:: DATA SHOWN ::

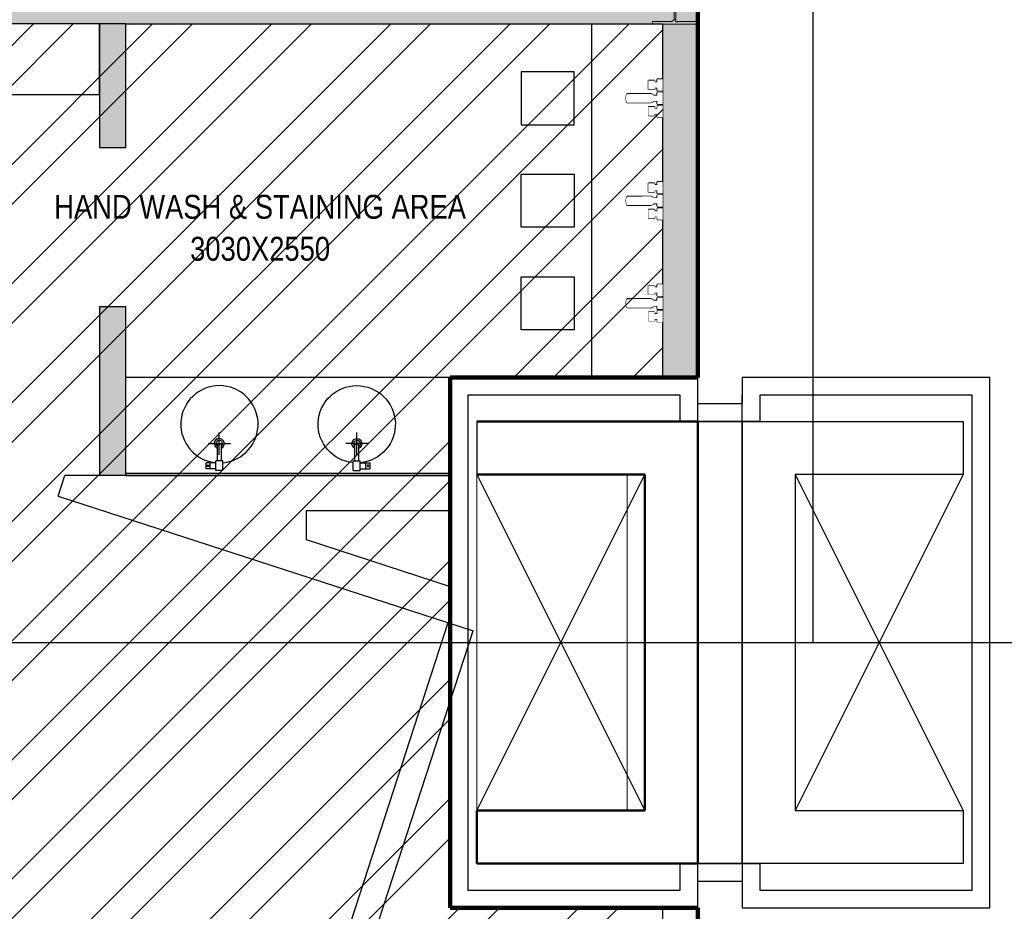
# Model space of a CAD drawing. Header units: millimetres. Extents: x 0 to 3025797, y 0 to 2968463.
# Tile 17 of 26: x 140371 to 145937, y 445824 to 450867. Entities that reach past the tile are written whole.
import ezdxf
from ezdxf import colors
from ezdxf.entities.mleader import LeaderData, LeaderLine
from ezdxf.enums import TextEntityAlignment as Align
from ezdxf.math import Vec2, Vec3

# ---------------------------------------------------------------- set-up
doc = ezdxf.new("R2010")
doc.units = ezdxf.units.MM
doc.linetypes.add('CENTER', pattern=[2, 1.25, -0.25, 0.25, -0.25])
doc.linetypes.add('DASHED2', pattern=[0.375, 0.25, -0.125])
doc.layers.get('0').update_dxf_attribs({"color": 252})
doc.layers.get('Defpoints').update_dxf_attribs({"color": 9})
for name, color, linetype, lineweight in [('0-1', 252, 'Continuous', 5), ('A-FLOR-OTLN', 252, 'Continuous', 100), ('C-BEAM-1', 252, 'Continuous', 20), ('C-COLS', 252, 'Continuous', 20), ('C-COLS-1', 252, 'Continuous', 20), ('ex wall', 252, 'Continuous', 30), ('HAT', 252, 'Continuous', 9), ('WALL - EXISTING', 252, 'Continuous', 30), ('YD-COLUMN', 252, 'Continuous', 25), ('YD-CUT-OUT', 252, 'Continuous', 25), ('YD-FIXED FURNITURE', 252, 'Continuous', 25), ('YD-SANITARY', 252, 'Continuous', 25), ('YD-TXT-1', 252, 'Continuous', 25), ('YD-WALL', 252, 'Continuous', 25)]:
    doc.layers.add(name, color=color, linetype=linetype, lineweight=lineweight)
for name, color, linetype in [('ANNO-GRID', 252, 'DASHED2'), ('fit', 252, 'Continuous'), ('FLR-TEXT', 252, 'Continuous'), ('FURN', 252, 'Continuous'), ('FURN-ANNO-TAG', 252, 'Continuous'), ('SANITARY', 252, 'Continuous'), ('TEXT', 252, 'Continuous'), ('TEXT-LEGN', 252, 'Continuous'), ('YD-WALL CLADDINGS FINISH', 252, 'Continuous')]:
    doc.layers.add(name, color=color, linetype=linetype)
doc.styles.add('ARIAL', font='arial.ttf')
doc.styles.get("Standard").update_dxf_attribs({"font": 'arial.ttf'})
doc.styles.add('Title Block', font='ARIALN.TTF')

# ---------------------------------------------------------------- blocks, each defined once
blk = doc.blocks.new('A$C69F27FE3')
at = {"layer": 'C-COLS'}
blk.add_lwpolyline([(24143, -20502), (24143, -20487.8), (24253, -20487.8), (24265.7, -20475.1), (24265.7, -20274.9, 1), (24253, -20262.2), (24143, -20262.2), (24143, -20248), (24397, -20248), (24397, -20262.2), (24287, -20262.2), (24274.3, -20274.9), (24274.3, -20475.1, 1), (24287, -20487.8), (24397, -20487.8), (24397, -20502)], format="xyb", close=True, dxfattribs=at)
blk = doc.blocks.new('counter top basin')
at = {"layer": 'SANITARY', "ltscale": 100}
for p, q in [((-21.8, 160.5), (-21.8, 102.5)), ((-21.8, 160.5), (19.7, 160.5)), ((19.7, 160.5), (19.7, 102.5)), ((19.7, 150), (78.2, 150)), ((53.2, 150), (53.2, 115)), ((78.2, 150), (78.2, 115)), ((-21.8, 102.5), (19.7, 102.5)), ((-12.6, 102.5), (-12.6, 11.4)), ((10.4, 102.5), (10.4, 11.4)), ((19.7, 115), (78.2, 115))]:
    blk.add_line(p, q, dxfattribs=at)
at = {"layer": 'SANITARY'}
for p, q in [((0, 66.8), (0, -66.8)), ((66.8, 0), (-66.8, 0))]:
    blk.add_line(p, q, dxfattribs=at)
at = {"layer": 'SANITARY', "ltscale": 100}
blk.add_circle((65.7, 132.5), 5, dxfattribs=at)
at = {"layer": 'SANITARY'}
for centre, radius, start, end in [((-1.1, -114.9), 230, 95.17611, 84.82389), ((0, 0), 29.7, 115.10171, 69.50141), ((0, 0), 19.8, 129.51942, 58.31315)]:
    blk.add_arc(centre, radius, start, end, dxfattribs=at)
at = {"layer": 'SANITARY', "ltscale": 100}
blk.add_arc((-1.1, 11.4), 11.5, 180, 0, dxfattribs=at)
blk = doc.blocks.new('MEZZANINE FLOOR MASTER PLAN$0$A$C43DF0664')
at = {"layer": 'fit'}
for p, q in [((0, 206.6), (0, 176.6)), ((65, 206.6), (0, 206.6)), ((65, 176.6), (0, 176.6)), ((17.5, 176.6), (17.5, 161.6)), ((47.5, 176.6), (47.5, 161.6)), ((65, 206.6), (65, 176.6)), ((92, 176.6), (92, 156.5)), ((122, 176.6), (122, 156.5)), ((149, 206.6), (214, 206.6)), ((149, 206.6), (149, 176.6)), ((149, 176.6), (214, 176.6)), ((166.5, 176.6), (166.5, 161.6)), ((196.5, 176.6), (196.5, 161.6)), ((214, 206.6), (214, 176.6)), ((7.5, 161.6), (7.5, 126.6)), ((57.5, 161.6), (7.5, 161.6)), ((57.5, 126.6), (7.5, 126.6)), ((57.5, 161.6), (57.5, 126.6)), ((82.5, 136.4), (82.5, 6.6)), ((82.5, 136.3), (84.5, 8.5)), ((92, 115), (93, 42.6)), ((120.9, 42.6), (121.9, 115)), ((129.5, 8.5), (131.5, 136.6)), ((131.5, 6.6), (131.5, 137.6)), ((156.5, 161.6), (206.5, 161.6)), ((156.5, 161.6), (156.5, 126.6)), ((156.5, 126.6), (206.5, 126.6)), ((206.5, 161.6), (206.5, 126.6)), ((84.8, 7.5), (82.8, 5.5)), ((129.2, 7.5), (131.2, 5.5))]:
    blk.add_line(p, q, dxfattribs=at)
for points in [[(7.5, 126.6), (7.5, 161.6), (17.5, 161.6), (17.5, 176.6), (0, 176.6), (0, 206.6), (65, 206.6), (65, 176.6), (47.5, 176.6), (47.5, 161.6), (57.5, 161.6), (57.5, 126.6)], [(74.5, 206.6), (139.5, 206.6), (139.5, 176.6), (74.5, 176.6)]]:
    blk.add_lwpolyline(points, close=True, dxfattribs=at)
for centre, radius, start, end in [((107, 137.1), 24.5, 313.3392, 226.6087), ((86, 115), 6, 0.777, 46.6087), ((127.9, 114.9), 6, 133.3392, 179.2136), ((84.5, 6.6), 2, 180, 246.4274), ((107, 58.2), 58.3, 246.4274, 293.5729), ((86.5, 8.6), 2, 180.8875, 247.5346), ((107, 58.2), 55.7, 247.5346, 292.4656), ((95.3, 43), 2.33, 188.2825, 262.5039), ((107, 121.5), 81.7, 261.5805, 278.4195), ((118.6, 43), 2.33, 277.4961, 351.7175), ((127.5, 8.6), 2, 292.4656, 359.1138), ((129.5, 6.6), 2, 293.5729, 0)]:
    blk.add_arc(centre, radius, start, end, dxfattribs=at)
for points in [[(7.5, 126.6), (7.5, 161.6), (17.5, 161.6), (17.5, 176.6), (0, 176.6), (0, 206.6), (65, 206.6), (65, 176.6), (47.5, 176.6), (47.5, 161.6), (57.5, 161.6), (57.5, 126.6)], [(156.5, 126.6), (156.5, 161.6), (166.5, 161.6), (166.5, 176.6), (149, 176.6), (149, 206.6), (214, 206.6), (214, 176.6), (196.5, 176.6), (196.5, 161.6), (206.5, 161.6), (206.5, 126.6)]]:
    blk.add_wipeout(points).dxf.layer = 'fit'
blk.add_lwpolyline([(74.5, 206.6), (74.5, 176.6), (92, 176.6), (92, 156.5), (89.5, 154.3), (85.9, 149.6), (82.9, 141.5), (82.5, 136), (82.5, 124.5), (83.7, 4.8), (91.4, 2.1), (100.6, 0.3), (107.8, -0.1), (117.7, 0.9), (123.5, 2.3), (127.8, 3.8), (131.2, 5.5), (131.5, 136.6), (130.1, 145.3), (128.1, 149.6), (126.5, 152), (125.3, 153.4), (122, 156.5), (122, 176.6), (139.5, 176.6), (139.5, 206.6)], close=True, dxfattribs=at)
blk.add_wipeout([(74.5, 206.6), (74.5, 176.6), (92, 176.6), (92, 156.5), (89.5, 154.3), (85.9, 149.6), (82.9, 141.5), (82.5, 136), (82.5, 124.5), (83.7, 4.8), (91.4, 2.1), (100.6, 0.3), (107.8, -0.1), (117.7, 0.9), (123.5, 2.3), (127.8, 3.8), (131.2, 5.5), (131.5, 136.6), (130.1, 145.3), (128.1, 149.6), (126.5, 152), (125.3, 153.4), (122, 156.5), (122, 176.6), (139.5, 176.6), (139.5, 206.6)]).dxf.layer = 'fit'
blk = doc.blocks.new('A$C069C6B5D')
at = {"layer": 'SANITARY'}
blk.add_line((-400, 0), (-400, 1998), dxfattribs=at)
for points in [[(-800, 1729), (-800, 1429), (-500, 1429), (-500, 1729)], [(-800, 849), (-800, 1149), (-500, 1149), (-500, 849)], [(-800, 269), (-800, 569), (-500, 569), (-500, 269)]]:
    blk.add_lwpolyline(points, close=True, dxfattribs=at)
at = {"layer": 'SANITARY', "rotation": 270}
for p in [(-206.6, 1686), (-206.6, 1106), (-206.6, 526)]:
    blk.add_blockref('MEZZANINE FLOOR MASTER PLAN$0$A$C43DF0664', p, dxfattribs=at)
blk = doc.blocks.new('NAMING')
at = {"layer": 'YD-WALL', "style": 'Title Block'}
for tag, p in [('ROOM', (240.6, 0)), ('DIMENSION', (240.6, -237.3))]:
    blk.add_attdef(tag, text='', height=135, dxfattribs=at).set_placement(p, align=Align.CENTER)
blk = doc.blocks.new('O11227_ AP_C_001_WEST_ALL LEVEL_rvt-1-LEVEL 2M FLOOR FRAMING PLAN_Option-3 _deck slab_')
at = {"layer": 'C-COLS-1', "color": 252}
for p, q in [((95150, -71050), (95150, -70750)), ((95150, -70750), (96400, -70750)), ((96400, -70750), (95150, -70750)), ((95150, -70750), (95150, -71050)), ((95150, -70750), (95150, -70750)), ((96400, -70750), (96400, -73250)), ((96400, -73250), (96400, -70750)), ((96400, -70750), (96400, -70750)), ((96400, -70750), (96400, -70750)), ((96000, -71050), (95150, -71050)), ((95150, -71050), (95700, -71050)), ((95150, -71050), (95150, -71050)), ((96000, -71050), (95700, -71050)), ((95700, -71050), (95700, -71050)), ((96000, -72950), (96000, -71050)), ((96000, -72950), (96000, -71050)), ((96000, -71050), (96000, -71050)), ((95150, -73250), (95150, -72950)), ((95150, -72950), (96000, -72950)), ((95700, -72950), (95150, -72950)), ((95150, -72950), (95150, -73250)), ((95150, -72950), (95150, -72950)), ((95700, -72950), (95700, -72950)), ((95700, -72950), (96000, -72950)), ((96000, -72950), (96000, -72950)), ((96400, -73250), (95150, -73250)), ((95150, -73250), (96400, -73250)), ((95150, -73250), (95150, -73250)), ((96400, -73250), (96400, -73250)), ((96400, -73250), (96400, -73250))]:
    blk.add_line(p, q, dxfattribs=at)
blk = doc.blocks.new('A$C7c14f6ef')
at = {"layer": 'A-FLOR-OTLN'}
blk.add_lwpolyline([(-20799.5, -52934), (48400, -52933.6), (48400, -49500), (47000, -49500), (47000, -46500), (48400, -46500), (48400, -44300), (39277.8, -44300), (39277.8, -40400), (37000, -40400), (37000, -35984.2), (34575, -35984.2), (34575, -38186.2), (18999.9, -38186), (18999.9, -35400), (14000, -35400), (14000, -38200), (-17759.3, -38200)], dxfattribs=at)
at = {"layer": '0-1'}
blk.add_blockref('O11227_ AP_C_001_WEST_ALL LEVEL_rvt-1-LEVEL 2M FLOOR FRAMING PLAN_Option-3 _deck slab_', (-48000, 24000), dxfattribs=at)
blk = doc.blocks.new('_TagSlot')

:::

EXERCISE AIM: Only lines of the data holding the word "styles" go in the answer. Please copy each of them.

WRITTEN SOLUTION:
doc.styles.add('ARIAL', font='arial.ttf')
doc.styles.get("Standard").update_dxf_attribs({"font": 'arial.ttf'})
doc.styles.add('Title Block', font='ARIALN.TTF')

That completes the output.